● Your assignment: Report only the number of lines below in which the string "False" appears.

==== Given records ====

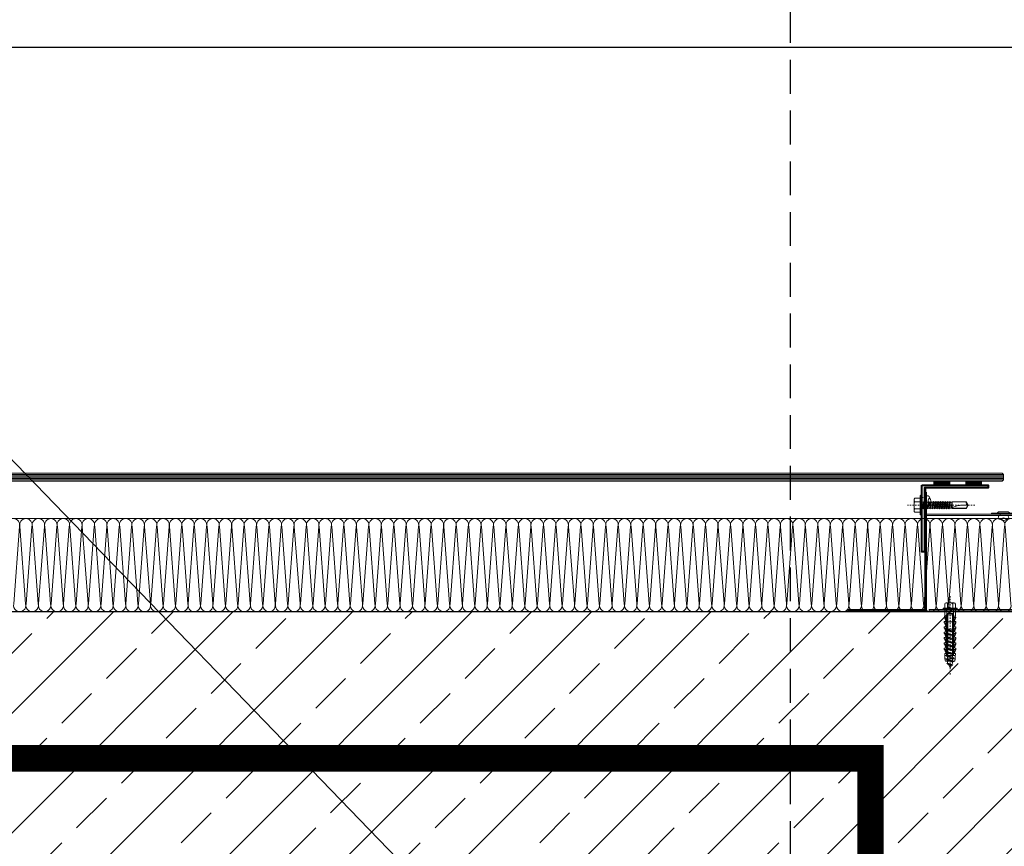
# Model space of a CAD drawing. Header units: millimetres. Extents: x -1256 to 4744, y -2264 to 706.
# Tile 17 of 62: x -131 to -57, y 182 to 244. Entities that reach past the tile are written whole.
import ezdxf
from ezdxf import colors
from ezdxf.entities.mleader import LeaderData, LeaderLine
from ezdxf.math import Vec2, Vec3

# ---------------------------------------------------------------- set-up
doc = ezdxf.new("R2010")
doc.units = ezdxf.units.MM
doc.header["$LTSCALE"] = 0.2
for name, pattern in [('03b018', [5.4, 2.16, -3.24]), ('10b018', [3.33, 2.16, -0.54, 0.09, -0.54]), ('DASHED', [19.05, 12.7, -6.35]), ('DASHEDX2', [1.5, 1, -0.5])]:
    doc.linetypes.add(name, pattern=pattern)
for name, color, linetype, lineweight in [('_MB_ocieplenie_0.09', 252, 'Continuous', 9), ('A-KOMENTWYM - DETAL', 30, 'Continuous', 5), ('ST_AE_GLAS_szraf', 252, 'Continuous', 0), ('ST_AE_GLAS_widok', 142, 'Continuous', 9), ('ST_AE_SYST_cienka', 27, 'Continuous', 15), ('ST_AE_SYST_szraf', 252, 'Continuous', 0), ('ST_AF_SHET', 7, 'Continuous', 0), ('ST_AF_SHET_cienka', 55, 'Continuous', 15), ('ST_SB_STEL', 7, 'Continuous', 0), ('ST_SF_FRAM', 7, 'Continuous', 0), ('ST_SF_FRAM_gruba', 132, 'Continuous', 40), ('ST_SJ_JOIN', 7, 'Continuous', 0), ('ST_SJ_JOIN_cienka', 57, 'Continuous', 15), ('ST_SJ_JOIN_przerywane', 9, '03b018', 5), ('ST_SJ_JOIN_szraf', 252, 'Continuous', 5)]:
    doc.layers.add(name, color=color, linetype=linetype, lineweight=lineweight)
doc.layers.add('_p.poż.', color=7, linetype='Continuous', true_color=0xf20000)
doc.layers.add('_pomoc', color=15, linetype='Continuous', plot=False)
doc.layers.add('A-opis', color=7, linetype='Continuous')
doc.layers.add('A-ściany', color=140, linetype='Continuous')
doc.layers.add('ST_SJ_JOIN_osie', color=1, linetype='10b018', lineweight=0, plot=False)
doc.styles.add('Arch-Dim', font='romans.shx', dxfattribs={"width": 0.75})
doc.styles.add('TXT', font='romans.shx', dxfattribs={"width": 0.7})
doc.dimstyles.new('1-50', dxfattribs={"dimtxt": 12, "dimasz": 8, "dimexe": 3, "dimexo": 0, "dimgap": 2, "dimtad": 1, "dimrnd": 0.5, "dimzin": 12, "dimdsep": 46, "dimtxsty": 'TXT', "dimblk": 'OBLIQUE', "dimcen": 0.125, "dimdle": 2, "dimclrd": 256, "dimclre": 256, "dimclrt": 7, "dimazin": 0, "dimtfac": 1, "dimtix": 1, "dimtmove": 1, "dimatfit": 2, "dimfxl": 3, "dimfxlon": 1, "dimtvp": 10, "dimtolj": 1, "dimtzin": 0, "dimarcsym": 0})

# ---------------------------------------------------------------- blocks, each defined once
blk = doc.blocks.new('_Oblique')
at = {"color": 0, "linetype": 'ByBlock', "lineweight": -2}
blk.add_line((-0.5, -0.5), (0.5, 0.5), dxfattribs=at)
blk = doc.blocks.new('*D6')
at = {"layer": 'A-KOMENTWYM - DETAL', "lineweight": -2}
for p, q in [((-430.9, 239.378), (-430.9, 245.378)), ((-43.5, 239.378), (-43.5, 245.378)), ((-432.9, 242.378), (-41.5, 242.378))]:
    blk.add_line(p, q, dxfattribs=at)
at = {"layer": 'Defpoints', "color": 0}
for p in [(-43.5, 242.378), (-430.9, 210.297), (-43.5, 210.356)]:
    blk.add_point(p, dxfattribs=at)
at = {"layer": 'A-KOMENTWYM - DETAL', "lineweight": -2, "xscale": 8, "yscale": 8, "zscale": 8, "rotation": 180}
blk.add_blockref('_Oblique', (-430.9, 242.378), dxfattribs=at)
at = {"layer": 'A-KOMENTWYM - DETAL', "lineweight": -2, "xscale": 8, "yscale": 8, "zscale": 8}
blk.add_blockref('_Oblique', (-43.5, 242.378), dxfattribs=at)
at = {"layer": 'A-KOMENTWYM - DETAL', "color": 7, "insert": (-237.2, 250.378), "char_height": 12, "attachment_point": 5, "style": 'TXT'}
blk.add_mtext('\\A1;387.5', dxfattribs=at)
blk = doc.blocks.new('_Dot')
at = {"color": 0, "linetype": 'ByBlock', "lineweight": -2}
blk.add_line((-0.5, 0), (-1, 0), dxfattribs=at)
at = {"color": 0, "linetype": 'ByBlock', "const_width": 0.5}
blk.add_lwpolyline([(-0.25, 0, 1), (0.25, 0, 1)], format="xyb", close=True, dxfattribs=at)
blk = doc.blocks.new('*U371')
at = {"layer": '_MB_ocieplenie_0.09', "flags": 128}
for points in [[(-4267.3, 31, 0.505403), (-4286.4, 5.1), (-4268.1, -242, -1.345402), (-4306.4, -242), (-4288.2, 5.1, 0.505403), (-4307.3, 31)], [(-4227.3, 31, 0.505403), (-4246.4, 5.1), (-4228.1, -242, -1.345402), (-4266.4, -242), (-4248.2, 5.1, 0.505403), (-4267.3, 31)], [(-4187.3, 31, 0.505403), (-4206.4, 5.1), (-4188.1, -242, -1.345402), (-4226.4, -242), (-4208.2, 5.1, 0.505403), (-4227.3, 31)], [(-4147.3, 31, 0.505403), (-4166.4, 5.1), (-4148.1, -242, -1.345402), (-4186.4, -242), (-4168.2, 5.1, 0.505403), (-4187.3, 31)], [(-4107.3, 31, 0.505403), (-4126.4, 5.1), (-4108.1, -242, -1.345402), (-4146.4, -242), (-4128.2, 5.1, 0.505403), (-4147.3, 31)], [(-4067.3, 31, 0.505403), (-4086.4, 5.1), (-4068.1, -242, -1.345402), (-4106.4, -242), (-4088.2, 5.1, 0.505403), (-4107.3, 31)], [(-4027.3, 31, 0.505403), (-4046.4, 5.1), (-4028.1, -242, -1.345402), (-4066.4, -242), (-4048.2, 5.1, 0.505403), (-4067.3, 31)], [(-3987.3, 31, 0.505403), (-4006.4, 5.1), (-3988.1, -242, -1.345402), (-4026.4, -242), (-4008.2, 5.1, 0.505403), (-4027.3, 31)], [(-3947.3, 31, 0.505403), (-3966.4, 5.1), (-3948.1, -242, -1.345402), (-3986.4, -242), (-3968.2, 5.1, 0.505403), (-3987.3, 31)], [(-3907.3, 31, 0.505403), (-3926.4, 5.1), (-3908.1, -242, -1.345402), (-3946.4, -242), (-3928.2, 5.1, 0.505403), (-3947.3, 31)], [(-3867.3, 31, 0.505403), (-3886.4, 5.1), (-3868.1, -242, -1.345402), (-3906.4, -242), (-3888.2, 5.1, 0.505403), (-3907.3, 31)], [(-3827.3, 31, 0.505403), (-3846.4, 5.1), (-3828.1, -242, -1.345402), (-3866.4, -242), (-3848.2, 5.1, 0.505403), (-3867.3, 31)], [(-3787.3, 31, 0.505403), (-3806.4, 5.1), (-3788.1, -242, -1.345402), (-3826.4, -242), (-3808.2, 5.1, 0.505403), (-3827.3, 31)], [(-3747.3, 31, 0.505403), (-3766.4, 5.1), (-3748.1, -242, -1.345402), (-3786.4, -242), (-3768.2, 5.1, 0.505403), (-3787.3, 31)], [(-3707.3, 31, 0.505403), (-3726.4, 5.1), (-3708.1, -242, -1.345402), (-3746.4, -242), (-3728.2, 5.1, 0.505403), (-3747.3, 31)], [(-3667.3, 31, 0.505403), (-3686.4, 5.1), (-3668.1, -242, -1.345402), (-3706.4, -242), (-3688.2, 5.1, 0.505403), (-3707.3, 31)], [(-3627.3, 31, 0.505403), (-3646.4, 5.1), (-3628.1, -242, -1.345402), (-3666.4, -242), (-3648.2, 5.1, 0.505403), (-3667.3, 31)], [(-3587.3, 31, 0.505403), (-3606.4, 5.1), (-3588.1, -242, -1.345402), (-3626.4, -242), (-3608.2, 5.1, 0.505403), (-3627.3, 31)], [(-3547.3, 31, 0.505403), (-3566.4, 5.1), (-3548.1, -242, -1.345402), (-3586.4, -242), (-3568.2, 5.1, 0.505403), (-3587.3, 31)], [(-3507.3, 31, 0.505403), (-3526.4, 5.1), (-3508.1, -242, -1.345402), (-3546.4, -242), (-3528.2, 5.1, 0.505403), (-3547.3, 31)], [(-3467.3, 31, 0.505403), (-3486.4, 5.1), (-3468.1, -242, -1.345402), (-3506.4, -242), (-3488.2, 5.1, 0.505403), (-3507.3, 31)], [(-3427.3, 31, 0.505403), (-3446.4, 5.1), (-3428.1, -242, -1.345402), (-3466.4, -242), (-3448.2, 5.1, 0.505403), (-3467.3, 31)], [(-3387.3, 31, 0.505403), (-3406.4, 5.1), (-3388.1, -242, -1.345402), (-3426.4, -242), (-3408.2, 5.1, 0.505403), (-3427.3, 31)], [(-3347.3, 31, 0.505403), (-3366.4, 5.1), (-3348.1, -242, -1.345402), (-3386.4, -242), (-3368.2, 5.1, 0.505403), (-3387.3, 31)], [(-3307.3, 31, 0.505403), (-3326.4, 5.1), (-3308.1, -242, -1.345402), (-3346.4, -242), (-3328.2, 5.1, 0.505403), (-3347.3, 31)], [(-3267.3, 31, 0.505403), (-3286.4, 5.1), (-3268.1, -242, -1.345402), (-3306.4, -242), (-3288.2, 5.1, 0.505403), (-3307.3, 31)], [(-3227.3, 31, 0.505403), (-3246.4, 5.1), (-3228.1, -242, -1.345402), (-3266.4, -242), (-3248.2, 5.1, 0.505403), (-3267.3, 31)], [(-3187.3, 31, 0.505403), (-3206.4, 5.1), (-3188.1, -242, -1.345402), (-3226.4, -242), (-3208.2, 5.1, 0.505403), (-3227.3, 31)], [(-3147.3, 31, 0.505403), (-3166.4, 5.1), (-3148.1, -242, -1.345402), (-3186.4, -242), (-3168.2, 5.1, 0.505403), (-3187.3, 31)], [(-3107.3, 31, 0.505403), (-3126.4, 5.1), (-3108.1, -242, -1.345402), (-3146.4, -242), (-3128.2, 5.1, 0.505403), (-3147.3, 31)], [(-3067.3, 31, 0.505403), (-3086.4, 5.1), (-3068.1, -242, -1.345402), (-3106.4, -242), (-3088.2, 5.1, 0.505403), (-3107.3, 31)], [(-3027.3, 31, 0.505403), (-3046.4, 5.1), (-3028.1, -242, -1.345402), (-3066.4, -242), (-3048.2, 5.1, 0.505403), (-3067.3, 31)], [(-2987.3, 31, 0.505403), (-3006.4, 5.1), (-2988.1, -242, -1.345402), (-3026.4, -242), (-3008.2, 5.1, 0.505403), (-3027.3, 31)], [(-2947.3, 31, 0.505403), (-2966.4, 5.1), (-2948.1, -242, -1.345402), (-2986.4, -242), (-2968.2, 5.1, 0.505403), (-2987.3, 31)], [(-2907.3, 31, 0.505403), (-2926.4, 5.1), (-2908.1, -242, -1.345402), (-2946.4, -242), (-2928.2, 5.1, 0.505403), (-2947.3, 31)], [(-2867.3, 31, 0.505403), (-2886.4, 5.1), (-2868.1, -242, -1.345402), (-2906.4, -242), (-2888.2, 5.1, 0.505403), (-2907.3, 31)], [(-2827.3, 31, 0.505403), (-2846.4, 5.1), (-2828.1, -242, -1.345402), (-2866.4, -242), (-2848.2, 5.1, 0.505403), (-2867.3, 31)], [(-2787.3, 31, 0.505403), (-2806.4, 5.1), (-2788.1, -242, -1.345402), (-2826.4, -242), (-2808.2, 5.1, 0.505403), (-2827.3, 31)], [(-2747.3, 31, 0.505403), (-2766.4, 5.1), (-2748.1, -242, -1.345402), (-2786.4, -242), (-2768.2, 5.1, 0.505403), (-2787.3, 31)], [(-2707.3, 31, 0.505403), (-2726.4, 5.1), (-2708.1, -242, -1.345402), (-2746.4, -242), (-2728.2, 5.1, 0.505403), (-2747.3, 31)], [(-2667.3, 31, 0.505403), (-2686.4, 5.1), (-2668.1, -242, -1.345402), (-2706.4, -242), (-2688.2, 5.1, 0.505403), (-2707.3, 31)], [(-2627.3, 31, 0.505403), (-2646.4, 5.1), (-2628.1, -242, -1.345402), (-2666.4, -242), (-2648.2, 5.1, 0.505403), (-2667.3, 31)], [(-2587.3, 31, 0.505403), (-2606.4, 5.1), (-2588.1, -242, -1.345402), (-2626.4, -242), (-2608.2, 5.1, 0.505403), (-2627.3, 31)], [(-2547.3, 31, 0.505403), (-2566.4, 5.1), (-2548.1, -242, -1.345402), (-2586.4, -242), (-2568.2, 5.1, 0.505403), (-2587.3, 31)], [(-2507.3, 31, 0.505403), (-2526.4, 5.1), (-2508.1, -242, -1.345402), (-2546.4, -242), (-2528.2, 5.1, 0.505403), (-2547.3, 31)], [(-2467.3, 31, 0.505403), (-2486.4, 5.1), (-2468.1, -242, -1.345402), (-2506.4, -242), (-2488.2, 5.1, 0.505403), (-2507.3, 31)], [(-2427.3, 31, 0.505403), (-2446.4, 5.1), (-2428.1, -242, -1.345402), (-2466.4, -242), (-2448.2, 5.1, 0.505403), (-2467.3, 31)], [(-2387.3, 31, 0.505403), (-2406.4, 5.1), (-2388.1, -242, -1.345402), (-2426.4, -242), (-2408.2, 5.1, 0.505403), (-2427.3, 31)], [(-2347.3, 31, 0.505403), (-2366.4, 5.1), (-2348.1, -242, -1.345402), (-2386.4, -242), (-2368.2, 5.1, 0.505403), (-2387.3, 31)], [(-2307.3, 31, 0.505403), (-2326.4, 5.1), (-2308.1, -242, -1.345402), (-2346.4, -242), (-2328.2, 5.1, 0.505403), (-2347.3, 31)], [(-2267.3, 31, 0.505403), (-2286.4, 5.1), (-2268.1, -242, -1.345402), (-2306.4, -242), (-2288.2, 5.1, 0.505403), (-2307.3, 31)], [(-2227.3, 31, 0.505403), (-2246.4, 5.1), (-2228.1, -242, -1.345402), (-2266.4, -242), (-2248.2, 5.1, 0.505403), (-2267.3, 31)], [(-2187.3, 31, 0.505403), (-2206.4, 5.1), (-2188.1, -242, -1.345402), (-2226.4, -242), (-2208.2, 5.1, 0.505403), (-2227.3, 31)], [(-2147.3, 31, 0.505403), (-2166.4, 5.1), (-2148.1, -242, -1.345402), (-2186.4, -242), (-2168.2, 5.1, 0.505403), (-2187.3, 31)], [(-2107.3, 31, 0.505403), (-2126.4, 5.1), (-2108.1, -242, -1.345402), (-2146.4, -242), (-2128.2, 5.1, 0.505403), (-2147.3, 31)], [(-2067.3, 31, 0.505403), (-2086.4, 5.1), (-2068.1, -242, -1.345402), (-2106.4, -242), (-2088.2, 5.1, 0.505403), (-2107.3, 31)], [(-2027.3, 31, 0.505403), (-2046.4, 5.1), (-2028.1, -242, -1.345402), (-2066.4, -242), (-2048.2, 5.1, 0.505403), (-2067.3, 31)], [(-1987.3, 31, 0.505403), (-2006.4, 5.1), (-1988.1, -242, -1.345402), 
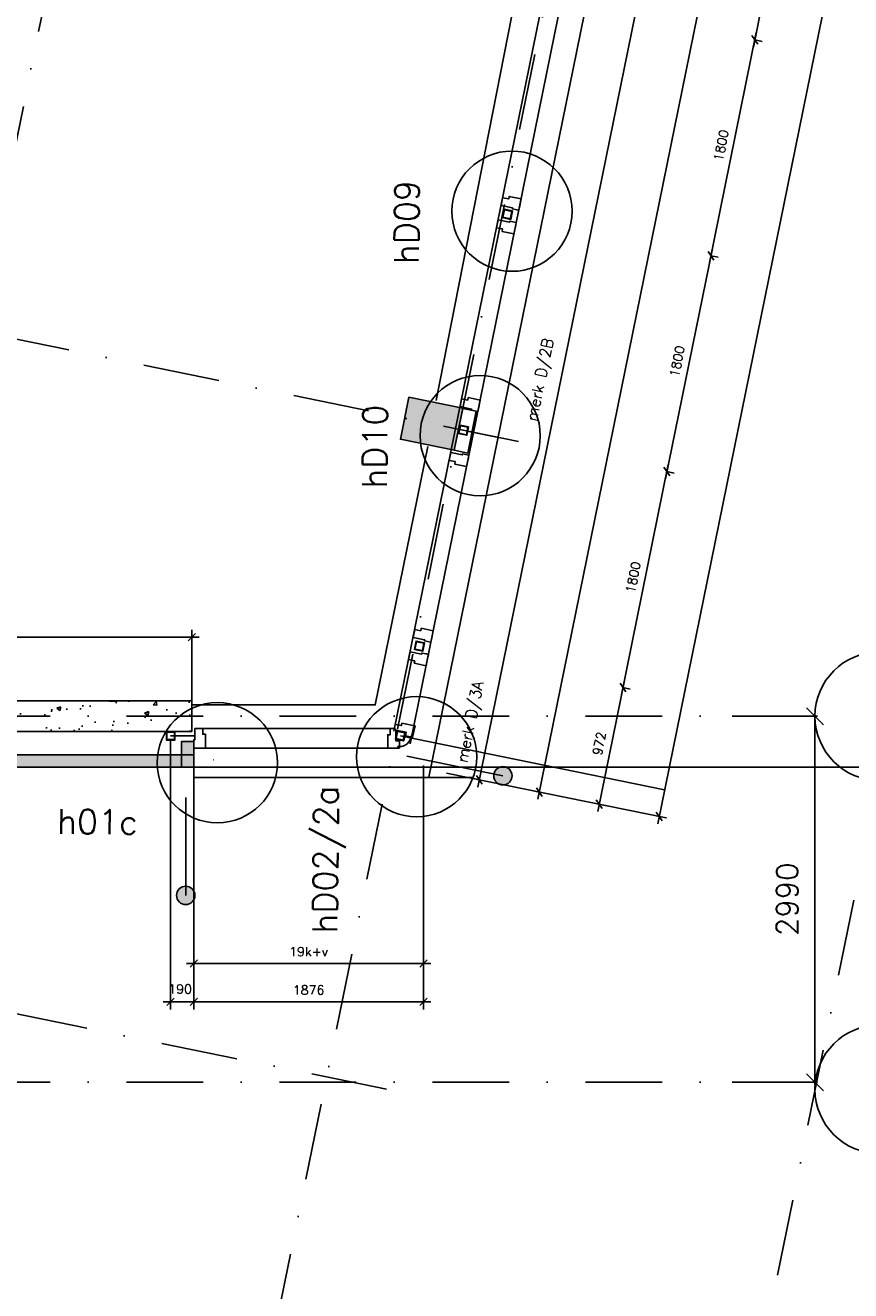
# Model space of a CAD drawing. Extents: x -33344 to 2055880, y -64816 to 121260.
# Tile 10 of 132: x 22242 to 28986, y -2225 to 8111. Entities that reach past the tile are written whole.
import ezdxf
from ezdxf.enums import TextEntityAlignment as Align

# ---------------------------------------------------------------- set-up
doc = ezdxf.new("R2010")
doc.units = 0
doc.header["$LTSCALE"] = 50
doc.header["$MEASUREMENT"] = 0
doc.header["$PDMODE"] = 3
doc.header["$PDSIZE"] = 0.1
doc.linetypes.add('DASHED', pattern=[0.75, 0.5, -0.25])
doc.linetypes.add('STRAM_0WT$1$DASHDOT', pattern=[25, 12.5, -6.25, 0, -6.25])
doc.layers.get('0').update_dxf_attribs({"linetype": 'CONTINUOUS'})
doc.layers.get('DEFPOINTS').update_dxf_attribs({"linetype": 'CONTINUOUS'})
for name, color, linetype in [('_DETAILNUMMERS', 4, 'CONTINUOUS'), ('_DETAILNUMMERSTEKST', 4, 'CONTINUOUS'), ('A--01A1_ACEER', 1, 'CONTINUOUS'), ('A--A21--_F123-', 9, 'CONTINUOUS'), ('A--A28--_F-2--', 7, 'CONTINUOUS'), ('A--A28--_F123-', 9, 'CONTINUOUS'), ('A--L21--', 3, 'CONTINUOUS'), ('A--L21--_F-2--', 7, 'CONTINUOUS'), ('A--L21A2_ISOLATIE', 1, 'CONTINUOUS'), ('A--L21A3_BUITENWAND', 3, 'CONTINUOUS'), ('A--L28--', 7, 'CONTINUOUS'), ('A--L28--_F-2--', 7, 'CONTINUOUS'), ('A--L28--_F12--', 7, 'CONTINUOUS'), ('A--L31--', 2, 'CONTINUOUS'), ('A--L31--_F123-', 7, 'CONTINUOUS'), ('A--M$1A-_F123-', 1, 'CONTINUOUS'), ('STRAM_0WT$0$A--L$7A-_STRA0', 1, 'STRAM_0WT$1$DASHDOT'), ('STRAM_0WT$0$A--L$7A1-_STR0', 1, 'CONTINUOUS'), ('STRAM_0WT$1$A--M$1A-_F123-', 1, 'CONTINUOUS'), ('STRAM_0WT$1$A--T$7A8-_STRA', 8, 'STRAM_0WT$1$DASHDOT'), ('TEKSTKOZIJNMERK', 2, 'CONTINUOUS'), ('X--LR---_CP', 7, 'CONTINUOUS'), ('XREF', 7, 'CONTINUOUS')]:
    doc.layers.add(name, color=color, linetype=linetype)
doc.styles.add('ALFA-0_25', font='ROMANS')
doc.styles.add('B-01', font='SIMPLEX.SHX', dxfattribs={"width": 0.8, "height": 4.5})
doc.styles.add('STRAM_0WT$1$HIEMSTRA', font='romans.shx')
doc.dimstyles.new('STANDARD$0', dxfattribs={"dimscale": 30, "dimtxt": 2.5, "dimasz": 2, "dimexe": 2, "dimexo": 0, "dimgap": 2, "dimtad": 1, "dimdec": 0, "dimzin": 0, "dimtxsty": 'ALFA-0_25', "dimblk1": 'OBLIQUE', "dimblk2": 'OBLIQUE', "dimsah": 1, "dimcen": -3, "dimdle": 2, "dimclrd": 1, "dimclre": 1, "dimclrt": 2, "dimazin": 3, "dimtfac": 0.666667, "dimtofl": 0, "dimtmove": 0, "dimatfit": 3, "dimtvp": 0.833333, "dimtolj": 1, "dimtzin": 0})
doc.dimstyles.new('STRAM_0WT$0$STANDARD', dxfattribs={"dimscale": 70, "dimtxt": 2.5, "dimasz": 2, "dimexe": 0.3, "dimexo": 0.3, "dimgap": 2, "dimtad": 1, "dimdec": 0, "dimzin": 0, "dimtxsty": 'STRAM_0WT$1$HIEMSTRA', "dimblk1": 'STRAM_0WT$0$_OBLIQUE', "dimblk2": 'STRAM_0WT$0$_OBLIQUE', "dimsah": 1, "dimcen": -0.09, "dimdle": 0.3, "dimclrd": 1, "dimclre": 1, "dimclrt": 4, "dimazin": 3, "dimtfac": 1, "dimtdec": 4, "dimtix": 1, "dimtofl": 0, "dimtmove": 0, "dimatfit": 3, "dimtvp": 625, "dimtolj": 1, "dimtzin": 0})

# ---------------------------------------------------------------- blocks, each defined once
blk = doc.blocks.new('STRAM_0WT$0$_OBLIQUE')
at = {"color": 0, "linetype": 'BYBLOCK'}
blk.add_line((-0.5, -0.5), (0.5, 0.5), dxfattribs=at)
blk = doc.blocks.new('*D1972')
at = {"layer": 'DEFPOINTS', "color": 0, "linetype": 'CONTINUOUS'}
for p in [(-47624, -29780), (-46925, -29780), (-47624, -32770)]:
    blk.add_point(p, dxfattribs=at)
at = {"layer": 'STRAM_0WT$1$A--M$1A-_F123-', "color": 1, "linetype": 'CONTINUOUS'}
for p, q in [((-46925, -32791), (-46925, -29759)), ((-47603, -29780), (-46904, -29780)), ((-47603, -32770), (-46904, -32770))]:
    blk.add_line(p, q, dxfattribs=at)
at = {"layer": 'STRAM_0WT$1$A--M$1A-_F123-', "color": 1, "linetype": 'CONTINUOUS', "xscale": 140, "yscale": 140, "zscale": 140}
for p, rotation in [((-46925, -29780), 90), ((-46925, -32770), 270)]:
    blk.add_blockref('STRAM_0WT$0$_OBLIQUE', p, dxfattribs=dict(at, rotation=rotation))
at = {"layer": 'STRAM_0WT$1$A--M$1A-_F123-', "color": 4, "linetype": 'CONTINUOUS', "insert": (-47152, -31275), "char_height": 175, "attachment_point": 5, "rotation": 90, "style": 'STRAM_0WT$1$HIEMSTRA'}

====

● Exercise response: 2